The question is: find the value of 500 dollars after 4 years invested at an annual interest rate of 9 percent (compounded continuously). I got 716.66. Is this correct? Thanks for your help!

Just to clarify something, since in my quest for help for this sort of problem on the internet, I found a few different formulas, the one that I am using is Pe^rt.

correct, good formula, good answer

To find the value of $500 after 4 years invested at an annual interest rate of 9 percent (compounded continuously), you can use the formula for continuous compound interest:

A = P * e^(rt)

Where:
A is the final amount (value after 4 years)
P is the initial principal (in this case, $500)
e is the mathematical constant approximately equal to 2.71828
r is the annual interest rate (in decimal form, so 9 percent becomes 0.09)
t is the time period in years (in this case, 4 years)
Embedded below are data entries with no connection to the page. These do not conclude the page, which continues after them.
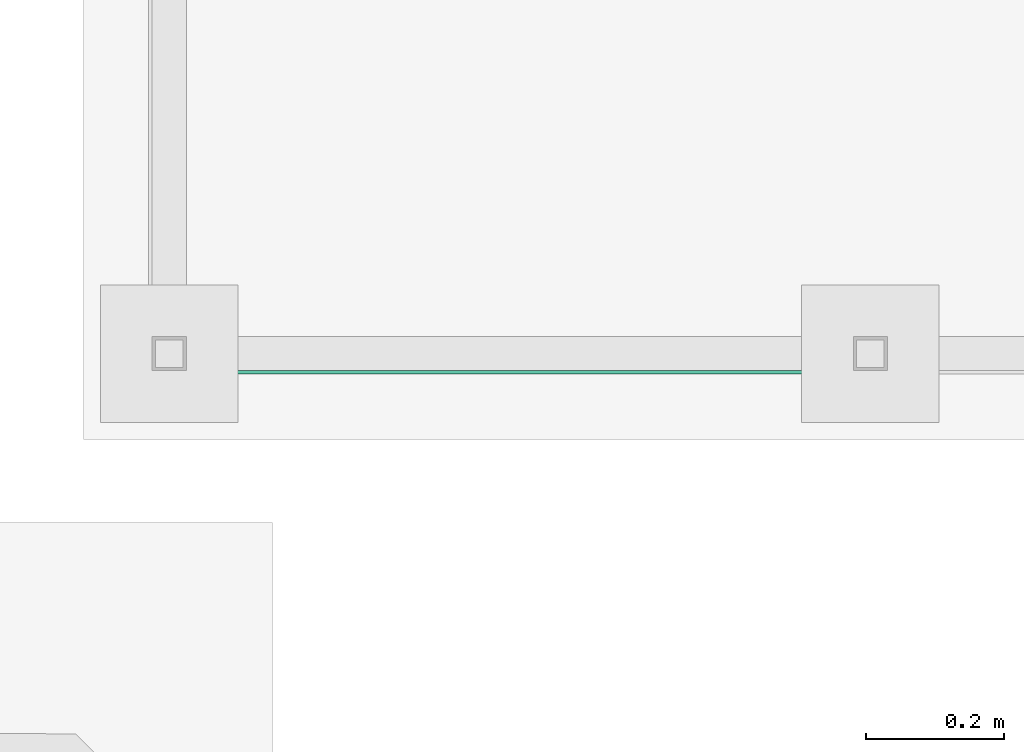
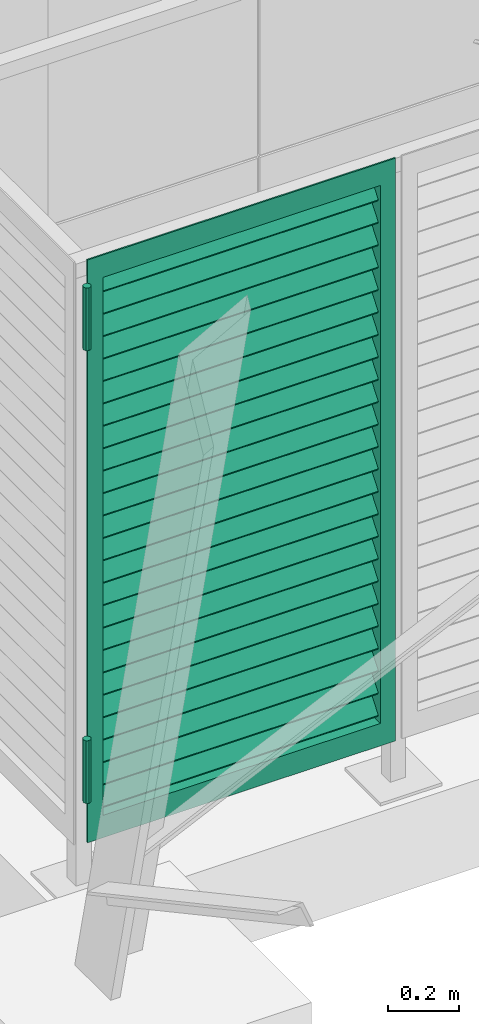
# One storey, part 174 of 418: 1 distribution flow element.
"""IFC2X3 building model written with IfcOpenShell, lengths in millimetres."""

from ifc_helpers import new_model, entity, si_unit, converted_unit, derived_unit, money_unit, direction, frame, origin_with_axes, place, context, subcontext, project, spatial, faceted_brep, source, transform, mapped, material, material_list, type_object, element, save


model = new_model("IFC2X3")

# Units and contexts
model_context = context("Model", 3, precision=0.01, world=origin_with_axes(), true_north=direction((0.0, 1.0)))
body_context = subcontext(model_context, "Body", "Model", "MODEL_VIEW")
ifc_project = project(units=[si_unit("LENGTHUNIT", "METRE", prefix="MILLI"), si_unit("AREAUNIT", "SQUARE_METRE"), si_unit("VOLUMEUNIT", "CUBIC_METRE"), converted_unit("PLANEANGLEUNIT", "DEGREE", entity("IfcPlaneAngleMeasure", 0.0174532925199), si_unit("PLANEANGLEUNIT", "RADIAN"), dimensions=[0, 0, 0, 0, 0, 0, 0]), si_unit("SOLIDANGLEUNIT", "STERADIAN"), money_unit("EUR"), converted_unit("TIMEUNIT", "Year", entity("IfcTimeMeasure", 31556926.0), si_unit("TIMEUNIT", "SECOND"), dimensions=[0, 0, 1, 0, 0, 0, 0]), si_unit("MASSUNIT", "GRAM", prefix="KILO"), si_unit("THERMODYNAMICTEMPERATUREUNIT", "DEGREE_CELSIUS"), si_unit("LUMINOUSINTENSITYUNIT", "LUMEN"), si_unit("ENERGYUNIT", "JOULE", prefix="MEGA"), derived_unit("THERMALCONDUCTANCEUNIT", [(si_unit("POWERUNIT", "WATT"), 1), (si_unit("LENGTHUNIT", "METRE"), -1), (si_unit("THERMODYNAMICTEMPERATUREUNIT", "KELVIN"), -1)]), derived_unit("SPECIFICHEATCAPACITYUNIT", [(si_unit("ENERGYUNIT", "JOULE"), 1), (si_unit("MASSUNIT", "GRAM", prefix="KILO"), -1), (si_unit("THERMODYNAMICTEMPERATUREUNIT", "KELVIN"), -1)]), derived_unit("MASSDENSITYUNIT", [(si_unit("MASSUNIT", "GRAM", prefix="KILO"), 1), (si_unit("VOLUMEUNIT", "CUBIC_METRE"), -1)])], contexts=[model_context])

# Site, building, storey
site_placement = place(None, origin_with_axes())
site = spatial("IfcSite", under=ifc_project, at=site_placement, Name="Paldiski mnt 245/1, Tallinn, Harjumaa", CompositionType="COMPLEX")
building_placement = place(site_placement, origin_with_axes())
building = spatial("IfcBuilding", under=site, at=building_placement, Name="RKAS Hoone üldnimetus (kasutust iseloomustav) -> IFC Project Manager -> SOLIBRI", CompositionType="ELEMENT")
storey_placement = place(building_placement, origin_with_axes())
storey = spatial("IfcBuildingStorey", under=building, at=storey_placement, Name="Esimene korrus", CompositionType="ELEMENT", Elevation=0.0)

# Distribution flow element
ifc_material_1 = material(Name="Teras")
ifc_material_2 = material(Name="ET-05_Teras")
ifc_material_list = material_list([ifc_material_1, ifc_material_2])
valve_type = type_object("IfcValveType", Name="Rest_1", PredefinedType="USERDEFINED")
shared_shape = source(origin_with_axes(), body_context, "Body", "Brep", [
    faceted_brep([(72.0, 25.0, 2000.0), (72.0, 25.0, 1923.07692308), (72.0, 25.0, 76.9230769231), (72.0, 25.0, 0.0), (72.0, 30.0, 0.0), (72.0, 30.0, 76.9230769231), (72.0, 30.0, 1923.07692308), (72.0, 30.0, 2000.0), (22.0, 25.0, 2000.0), (22.0, 25.0, 0.0), (22.0, 30.0, 0.0), (22.0, 30.0, 2000.0)], [[[0, 1, 2, 3, 4, 5, 6, 7]], [[3, 2, 1, 0, 8, 9]], [[10, 4, 3, 9]], [[7, 6, 5, 4, 10, 11]], [[8, 0, 7, 11]], [[8, 11, 10, 9]]]),
    faceted_brep([(972.0, 30.0, 0.0), (972.0, 25.0, 0.0), (72.0, 25.0, 0.0), (72.0, 30.0, 0.0), (972.0, 30.0, 76.9230769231), (972.0, 25.0, 76.9230769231), (72.0, 25.0, 76.9230769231), (72.0, 30.0, 76.9230769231)], [[[0, 1, 2, 3]], [[0, 4, 5, 1]], [[1, 5, 6, 2]], [[3, 2, 6, 7]], [[4, 0, 3, 7]], [[5, 4, 7, 6]]]),
    faceted_brep([(972.0, 30.0, 0.0), (972.0, 30.0, 76.9230769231), (972.0, 30.0, 1923.07692308), (972.0, 30.0, 2000.0), (1022.0, 30.0, 2000.0), (1022.0, 30.0, 0.0), (972.0, 25.0, 0.0), (972.0, 25.0, 76.9230769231), (972.0, 25.0, 1923.07692308), (972.0, 25.0, 2000.0), (1022.0, 25.0, 2000.0), (1022.0, 25.0, 0.0)], [[[0, 1, 2, 3, 4, 5]], [[6, 7, 8, 9, 3, 2, 1, 0]], [[4, 3, 9, 10]], [[10, 11, 5, 4]], [[11, 6, 0, 5]], [[9, 8, 7, 6, 11, 10]]]),
    faceted_brep([(977.0, 30.0, 76.9230769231), (972.0, 30.0, 76.9230769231), (972.0, 80.0, 76.9230769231), (977.0, 80.0, 76.9230769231), (977.0, 30.0, 1923.07692308), (972.0, 30.0, 1923.07692308), (972.0, 80.0, 1923.07692308), (977.0, 80.0, 1923.07692308)], [[[0, 1, 2, 3]], [[4, 5, 1, 0]], [[1, 5, 6, 2]], [[7, 3, 2, 6]], [[4, 0, 3, 7]], [[5, 4, 7, 6]]]),
    faceted_brep([(67.0, 30.0, 1923.07692308), (72.0, 30.0, 1923.07692308), (72.0, 80.0, 1923.07692308), (67.0, 80.0, 1923.07692308), (67.0, 30.0, 76.9230769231), (72.0, 30.0, 76.9230769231), (72.0, 80.0, 76.9230769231), (67.0, 80.0, 76.9230769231)], [[[0, 1, 2, 3]], [[4, 5, 1, 0]], [[1, 5, 6, 2]], [[7, 3, 2, 6]], [[4, 0, 3, 7]], [[5, 4, 7, 6]]]),
    faceted_brep([(972.0, 30.0, 1923.07692308), (972.0, 25.0, 1923.07692308), (72.0, 25.0, 1923.07692308), (72.0, 30.0, 1923.07692308), (972.0, 30.0, 2000.0), (972.0, 25.0, 2000.0), (72.0, 25.0, 2000.0), (72.0, 30.0, 2000.0)], [[[0, 1, 2, 3]], [[0, 4, 5, 1]], [[1, 5, 6, 2]], [[3, 2, 6, 7]], [[4, 0, 3, 7]], [[5, 4, 7, 6]]]),
    faceted_brep([(67.0, 30.0, 69.2307692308), (977.0, 30.0, 69.2307692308), (977.0, 30.0, 76.9230769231), (67.0, 30.0, 76.9230769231), (67.0, 80.0, 69.2307692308), (977.0, 80.0, 69.2307692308), (977.0, 80.0, 76.9230769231), (67.0, 80.0, 76.9230769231)], [[[0, 1, 2, 3]], [[0, 4, 5, 1]], [[1, 5, 6, 2]], [[3, 2, 6, 7]], [[4, 0, 3, 7]], [[5, 4, 7, 6]]]),
    faceted_brep([(67.0, 30.0, 1923.07692308), (977.0, 30.0, 1923.07692308), (977.0, 30.0, 1930.76923077), (67.0, 30.0, 1930.76923077), (67.0, 80.0, 1923.07692308), (977.0, 80.0, 1923.07692308), (977.0, 80.0, 1930.76923077), (67.0, 80.0, 1930.76923077)], [[[0, 1, 2, 3]], [[0, 4, 5, 1]], [[1, 5, 6, 2]], [[3, 2, 6, 7]], [[4, 0, 3, 7]], [[5, 4, 7, 6]]]),
    faceted_brep([(972.0, 77.3650491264, 141.906873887), (972.0, 39.0628269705, 92.4616731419), (72.0, 39.0628269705, 92.4616731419), (72.0, 77.3650491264, 141.906873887), (972.0, 74.151111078, 147.799523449), (972.0, 35.848888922, 98.3543227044), (72.0, 35.848888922, 98.3543227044), (72.0, 74.151111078, 147.799523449)], [[[0, 1, 2, 3]], [[0, 4, 5, 1]], [[1, 5, 6, 2]], [[3, 2, 6, 7]], [[4, 0, 3, 7]], [[5, 4, 7, 6]]]),
    faceted_brep([(972.0, 77.3650491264, 218.82995081), (972.0, 39.0628269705, 169.384750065), (72.0, 39.0628269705, 169.384750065), (72.0, 77.3650491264, 218.82995081), (972.0, 74.151111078, 224.722600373), (972.0, 35.848888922, 175.277399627), (72.0, 35.848888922, 175.277399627), (72.0, 74.151111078, 224.722600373)], [[[0, 1, 2, 3]], [[0, 4, 5, 1]], [[1, 5, 6, 2]], [[3, 2, 6, 7]], [[4, 0, 3, 7]], [[5, 4, 7, 6]]]),
    faceted_brep([(972.0, 77.3650491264, 295.753027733), (972.0, 39.0628269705, 246.307826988), (72.0, 39.0628269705, 246.307826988), (72.0, 77.3650491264, 295.753027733), (972.0, 74.151111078, 301.645677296), (972.0, 35.848888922, 252.200476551), (72.0, 35.848888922, 252.200476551), (72.0, 74.151111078, 301.645677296)], [[[0, 1, 2, 3]], [[0, 4, 5, 1]], [[1, 5, 6, 2]], [[3, 2, 6, 7]], [[4, 0, 3, 7]], [[5, 4, 7, 6]]]),
    faceted_brep([(972.0, 77.3650491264, 372.676104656), (972.0, 39.0628269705, 323.230903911), (72.0, 39.0628269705, 323.230903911), (72.0, 77.3650491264, 372.676104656), (972.0, 74.151111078, 378.568754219), (972.0, 35.848888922, 329.123553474), (72.0, 35.848888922, 329.123553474), (72.0, 74.151111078, 378.568754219)], [[[0, 1, 2, 3]], [[0, 4, 5, 1]], [[1, 5, 6, 2]], [[3, 2, 6, 7]], [[4, 0, 3, 7]], [[5, 4, 7, 6]]]),
    faceted_brep([(972.0, 77.3650491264, 449.599181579), (972.0, 39.0628269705, 400.153980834), (72.0, 39.0628269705, 400.153980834), (72.0, 77.3650491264, 449.599181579), (972.0, 74.151111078, 455.491831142), (972.0, 35.848888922, 406.046630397), (72.0, 35.848888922, 406.046630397), (72.0, 74.151111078, 455.491831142)], [[[0, 1, 2, 3]], [[0, 4, 5, 1]], [[1, 5, 6, 2]], [[3, 2, 6, 7]], [[4, 0, 3, 7]], [[5, 4, 7, 6]]]),
    faceted_brep([(972.0, 77.3650491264, 526.522258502), (972.0, 39.0628269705, 477.077057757), (72.0, 39.0628269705, 477.077057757), (72.0, 77.3650491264, 526.522258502), (972.0, 74.151111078, 532.414908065), (972.0, 35.848888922, 482.96970732), (72.0, 35.848888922, 482.96970732), (72.0, 74.151111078, 532.414908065)], [[[0, 1, 2, 3]], [[0, 4, 5, 1]], [[1, 5, 6, 2]], [[3, 2, 6, 7]], [[4, 0, 3, 7]], [[5, 4, 7, 6]]]),
    faceted_brep([(972.0, 77.3650491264, 603.445335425), (972.0, 39.0628269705, 554.00013468), (72.0, 39.0628269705, 554.00013468), (72.0, 77.3650491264, 603.445335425), (972.0, 74.151111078, 609.337984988), (972.0, 35.848888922, 559.892784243), (72.0, 35.848888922, 559.892784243), (72.0, 74.151111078, 609.337984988)], [[[0, 1, 2, 3]], [[0, 4, 5, 1]], [[1, 5, 6, 2]], [[3, 2, 6, 7]], [[4, 0, 3, 7]], [[5, 4, 7, 6]]]),
    faceted_brep([(972.0, 77.3650491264, 680.368412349), (972.0, 39.0628269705, 630.923211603), (72.0, 39.0628269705, 630.923211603), (72.0, 77.3650491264, 680.368412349), (972.0, 74.151111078, 686.261061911), (972.0, 35.848888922, 636.815861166), (72.0, 35.848888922, 636.815861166), (72.0, 74.151111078, 686.261061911)], [[[0, 1, 2, 3]], [[0, 4, 5, 1]], [[1, 5, 6, 2]], [[3, 2, 6, 7]], [[4, 0, 3, 7]], [[5, 4, 7, 6]]]),
    faceted_brep([(972.0, 77.3650491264, 757.291489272), (972.0, 39.0628269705, 707.846288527), (72.0, 39.0628269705, 707.846288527), (72.0, 77.3650491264, 757.291489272), (972.0, 74.151111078, 763.184138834), (972.0, 35.848888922, 713.738938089), (72.0, 35.848888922, 713.738938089), (72.0, 74.151111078, 763.184138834)], [[[0, 1, 2, 3]], [[0, 4, 5, 1]], [[1, 5, 6, 2]], [[3, 2, 6, 7]], [[4, 0, 3, 7]], [[5, 4, 7, 6]]]),
    faceted_brep([(972.0, 77.3650491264, 834.214566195), (972.0, 39.0628269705, 784.76936545), (72.0, 39.0628269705, 784.76936545), (72.0, 77.3650491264, 834.214566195), (972.0, 74.151111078, 840.107215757), (972.0, 35.848888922, 790.662015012), (72.0, 35.848888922, 790.662015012), (72.0, 74.151111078, 840.107215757)], [[[0, 1, 2, 3]], [[0, 4, 5, 1]], [[1, 5, 6, 2]], [[3, 2, 6, 7]], [[4, 0, 3, 7]], [[5, 4, 7, 6]]]),
    faceted_brep([(972.0, 77.3650491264, 911.137643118), (972.0, 39.0628269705, 861.692442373), (72.0, 39.0628269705, 861.692442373), (72.0, 77.3650491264, 911.137643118), (972.0, 74.151111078, 917.03029268), (972.0, 35.848888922, 867.585091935), (72.0, 35.848888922, 867.585091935), (72.0, 74.151111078, 917.03029268)], [[[0, 1, 2, 3]], [[0, 4, 5, 1]], [[1, 5, 6, 2]], [[3, 2, 6, 7]], [[4, 0, 3, 7]], [[5, 4, 7, 6]]]),
    faceted_brep([(972.0, 77.3650491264, 988.060720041), (972.0, 39.0628269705, 938.615519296), (72.0, 39.0628269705, 938.615519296), (72.0, 77.3650491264, 988.060720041), (972.0, 74.151111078, 993.953369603), (972.0, 35.848888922, 944.508168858), (72.0, 35.848888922, 944.508168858), (72.0, 74.151111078, 993.953369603)], [[[0, 1, 2, 3]], [[0, 4, 5, 1]], [[1, 5, 6, 2]], [[3, 2, 6, 7]], [[4, 0, 3, 7]], [[5, 4, 7, 6]]]),
    faceted_brep([(972.0, 77.3650491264, 1064.98379696), (972.0, 39.0628269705, 1015.53859622), (72.0, 39.0628269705, 1015.53859622), (72.0, 77.3650491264, 1064.98379696), (972.0, 74.151111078, 1070.87644653), (972.0, 35.848888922, 1021.43124578), (72.0, 35.848888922, 1021.43124578), (72.0, 74.151111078, 1070.87644653)], [[[0, 1, 2, 3]], [[0, 4, 5, 1]], [[1, 5, 6, 2]], [[3, 2, 6, 7]], [[4, 0, 3, 7]], [[5, 4, 7, 6]]]),
    faceted_brep([(972.0, 77.3650491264, 1141.90687389), (972.0, 39.0628269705, 1092.46167314), (72.0, 39.0628269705, 1092.46167314), (72.0, 77.3650491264, 1141.90687389), (972.0, 74.151111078, 1147.79952345), (972.0, 35.848888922, 1098.3543227), (72.0, 35.848888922, 1098.3543227), (72.0, 74.151111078, 1147.79952345)], [[[0, 1, 2, 3]], [[0, 4, 5, 1]], [[1, 5, 6, 2]], [[3, 2, 6, 7]], [[4, 0, 3, 7]], [[5, 4, 7, 6]]]),
    faceted_brep([(972.0, 77.3650491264, 1218.82995081), (972.0, 39.0628269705, 1169.38475006), (72.0, 39.0628269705, 1169.38475006), (72.0, 77.3650491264, 1218.82995081), (972.0, 74.151111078, 1224.72260037), (972.0, 35.848888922, 1175.27739963), (72.0, 35.848888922, 1175.27739963), (72.0, 74.151111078, 1224.72260037)], [[[0, 1, 2, 3]], [[0, 4, 5, 1]], [[1, 5, 6, 2]], [[3, 2, 6, 7]], [[4, 0, 3, 7]], [[5, 4, 7, 6]]]),
    faceted_brep([(972.0, 77.3650491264, 1295.75302773), (972.0, 39.0628269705, 1246.30782699), (72.0, 39.0628269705, 1246.30782699), (72.0, 77.3650491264, 1295.75302773), (972.0, 74.151111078, 1301.6456773), (972.0, 35.848888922, 1252.20047655), (72.0, 35.848888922, 1252.20047655), (72.0, 74.151111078, 1301.6456773)], [[[0, 1, 2, 3]], [[0, 4, 5, 1]], [[1, 5, 6, 2]], [[3, 2, 6, 7]], [[4, 0, 3, 7]], [[5, 4, 7, 6]]]),
    faceted_brep([(972.0, 77.3650491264, 1372.67610466), (972.0, 39.0628269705, 1323.23090391), (72.0, 39.0628269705, 1323.23090391), (72.0, 77.3650491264, 1372.67610466), (972.0, 74.151111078, 1378.56875422), (972.0, 35.848888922, 1329.12355347), (72.0, 35.848888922, 1329.12355347), (72.0, 74.151111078, 1378.56875422)], [[[0, 1, 2, 3]], [[0, 4, 5, 1]], [[1, 5, 6, 2]], [[3, 2, 6, 7]], [[4, 0, 3, 7]], [[5, 4, 7, 6]]]),
    faceted_brep([(972.0, 77.3650491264, 1449.59918158), (972.0, 39.0628269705, 1400.15398083), (72.0, 39.0628269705, 1400.15398083), (72.0, 77.3650491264, 1449.59918158), (972.0, 74.151111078, 1455.49183114), (972.0, 35.848888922, 1406.0466304), (72.0, 35.848888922, 1406.0466304), (72.0, 74.151111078, 1455.49183114)], [[[0, 1, 2, 3]], [[0, 4, 5, 1]], [[1, 5, 6, 2]], [[3, 2, 6, 7]], [[4, 0, 3, 7]], [[5, 4, 7, 6]]]),
    faceted_brep([(972.0, 77.3650491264, 1526.5222585), (972.0, 39.0628269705, 1477.07705776), (72.0, 39.0628269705, 1477.07705776), (72.0, 77.3650491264, 1526.5222585), (972.0, 74.151111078, 1532.41490806), (972.0, 35.848888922, 1482.96970732), (72.0, 35.848888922, 1482.96970732), (72.0, 74.151111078, 1532.41490806)], [[[0, 1, 2, 3]], [[0, 4, 5, 1]], [[1, 5, 6, 2]], [[3, 2, 6, 7]], [[4, 0, 3, 7]], [[5, 4, 7, 6]]]),
    faceted_brep([(972.0, 77.3650491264, 1603.44533543), (972.0, 39.0628269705, 1554.00013468), (72.0, 39.0628269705, 1554.00013468), (72.0, 77.3650491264, 1603.44533543), (972.0, 74.151111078, 1609.33798499), (972.0, 35.848888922, 1559.89278424), (72.0, 35.848888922, 1559.89278424), (72.0, 74.151111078, 1609.33798499)], [[[0, 1, 2, 3]], [[0, 4, 5, 1]], [[1, 5, 6, 2]], [[3, 2, 6, 7]], [[4, 0, 3, 7]], [[5, 4, 7, 6]]]),
    faceted_brep([(972.0, 77.3650491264, 1680.36841235), (972.0, 39.0628269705, 1630.9232116), (72.0, 39.0628269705, 1630.9232116), (72.0, 77.3650491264, 1680.36841235), (972.0, 74.151111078, 1686.26106191), (972.0, 35.848888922, 1636.81586117), (72.0, 35.848888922, 1636.81586117), (72.0, 74.151111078, 1686.26106191)], [[[0, 1, 2, 3]], [[0, 4, 5, 1]], [[1, 5, 6, 2]], [[3, 2, 6, 7]], [[4, 0, 3, 7]], [[5, 4, 7, 6]]]),
    faceted_brep([(972.0, 77.3650491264, 1757.29148927), (972.0, 39.0628269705, 1707.84628853), (72.0, 39.0628269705, 1707.84628853), (72.0, 77.3650491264, 1757.29148927), (972.0, 74.151111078, 1763.18413883), (972.0, 35.848888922, 1713.73893809), (72.0, 35.848888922, 1713.73893809), (72.0, 74.151111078, 1763.18413883)], [[[0, 1, 2, 3]], [[0, 4, 5, 1]], [[1, 5, 6, 2]], [[3, 2, 6, 7]], [[4, 0, 3, 7]], [[5, 4, 7, 6]]]),
    faceted_brep([(972.0, 77.3650491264, 1834.21456619), (972.0, 39.0628269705, 1784.76936545), (72.0, 39.0628269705, 1784.76936545), (72.0, 77.3650491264, 1834.21456619), (972.0, 74.151111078, 1840.10721576), (972.0, 35.848888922, 1790.66201501), (72.0, 35.848888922, 1790.66201501), (72.0, 74.151111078, 1840.10721576)], [[[0, 1, 2, 3]], [[0, 4, 5, 1]], [[1, 5, 6, 2]], [[3, 2, 6, 7]], [[4, 0, 3, 7]], [[5, 4, 7, 6]]]),
    faceted_brep([(972.0, 77.3650491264, 1911.13764312), (972.0, 39.0628269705, 1861.69244237), (72.0, 39.0628269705, 1861.69244237), (72.0, 77.3650491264, 1911.13764312), (972.0, 74.151111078, 1917.03029268), (972.0, 35.848888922, 1867.58509194), (72.0, 35.848888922, 1867.58509194), (72.0, 74.151111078, 1917.03029268)], [[[0, 1, 2, 3]], [[0, 4, 5, 1]], [[1, 5, 6, 2]], [[3, 2, 6, 7]], [[4, 0, 3, 7]], [[5, 4, 7, 6]]]),
    faceted_brep([(0.0, 12.5, 153.846153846), (3.66116523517, 3.66116523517, 153.846153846), (3.66116523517, 3.66116523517, 369.230769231), (0.0, 12.5, 369.230769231), (3.66116523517, 21.3388347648, 153.846153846), (12.5, 25.0, 153.846153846), (21.3388347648, 21.3388347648, 153.846153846), (25.0, 12.5, 153.846153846), (21.3388347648, 3.66116523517, 153.846153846), (12.5, 0.0, 153.846153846), (12.5, 0.0, 369.230769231), (21.3388347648, 3.66116523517, 369.230769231), (25.0, 12.5, 369.230769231), (21.3388347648, 21.3388347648, 369.230769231), (12.5, 25.0, 369.230769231), (3.66116523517, 21.3388347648, 369.230769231)], [[[0, 1, 2, 3]], [[0, 4, 5, 6, 7, 8, 9, 1]], [[1, 9, 10, 2]], [[3, 2, 10, 11, 12, 13, 14, 15]], [[4, 0, 3, 15]], [[5, 4, 15, 14]], [[6, 5, 14, 13]], [[7, 6, 13, 12]], [[8, 7, 12, 11]], [[9, 8, 11, 10]]]),
    faceted_brep([(0.0, 12.5, 1707.69230769), (3.66116523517, 3.66116523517, 1707.69230769), (3.66116523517, 3.66116523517, 1923.07692308), (0.0, 12.5, 1923.07692308), (3.66116523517, 21.3388347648, 1707.69230769), (12.5, 25.0, 1707.69230769), (21.3388347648, 21.3388347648, 1707.69230769), (25.0, 12.5, 1707.69230769), (21.3388347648, 3.66116523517, 1707.69230769), (12.5, 0.0, 1707.69230769), (12.5, 0.0, 1923.07692308), (21.3388347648, 3.66116523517, 1923.07692308), (25.0, 12.5, 1923.07692308), (21.3388347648, 21.3388347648, 1923.07692308), (12.5, 25.0, 1923.07692308), (3.66116523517, 21.3388347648, 1923.07692308)], [[[0, 1, 2, 3]], [[0, 4, 5, 6, 7, 8, 9, 1]], [[1, 9, 10, 2]], [[3, 2, 10, 11, 12, 13, 14, 15]], [[4, 0, 3, 15]], [[5, 4, 15, 14]], [[6, 5, 14, 13]], [[7, 6, 13, 12]], [[8, 7, 12, 11]], [[9, 8, 11, 10]]]),
])
distribution_flow_element_placement = place(storey_placement, frame((-55802.0098605, -1585.71022117, 0.0), z_axis=(0.0, 0.0, 1.0), x_axis=(1.0, 0.0, 0.0)))
element("IfcDistributionFlowElement", 1, at=distribution_flow_element_placement, inside=storey, type_object=valve_type, material=ifc_material_list, Name="Trapp", ObjectType="Distribution Flow Element", context=body_context, shape_type="MappedRepresentation", body=[
    mapped(shared_shape, transform((0.0, 0.0, 0.0))),
])

save(model, "model.ifc")

Plugging in the values, we get:

A = 500 * e^(0.09 * 4)

Using a calculator to evaluate e^(0.09 * 4), we get approximately 1.42725.

A = 500 * 1.42725
A ≈ 713.63

Therefore, the value of $500 after 4 years invested at an annual interest rate of 9 percent (compounded continuously) is approximately $713.63, not $716.66.

However, keep in mind that there may be slight differences in calculations due to rounding errors.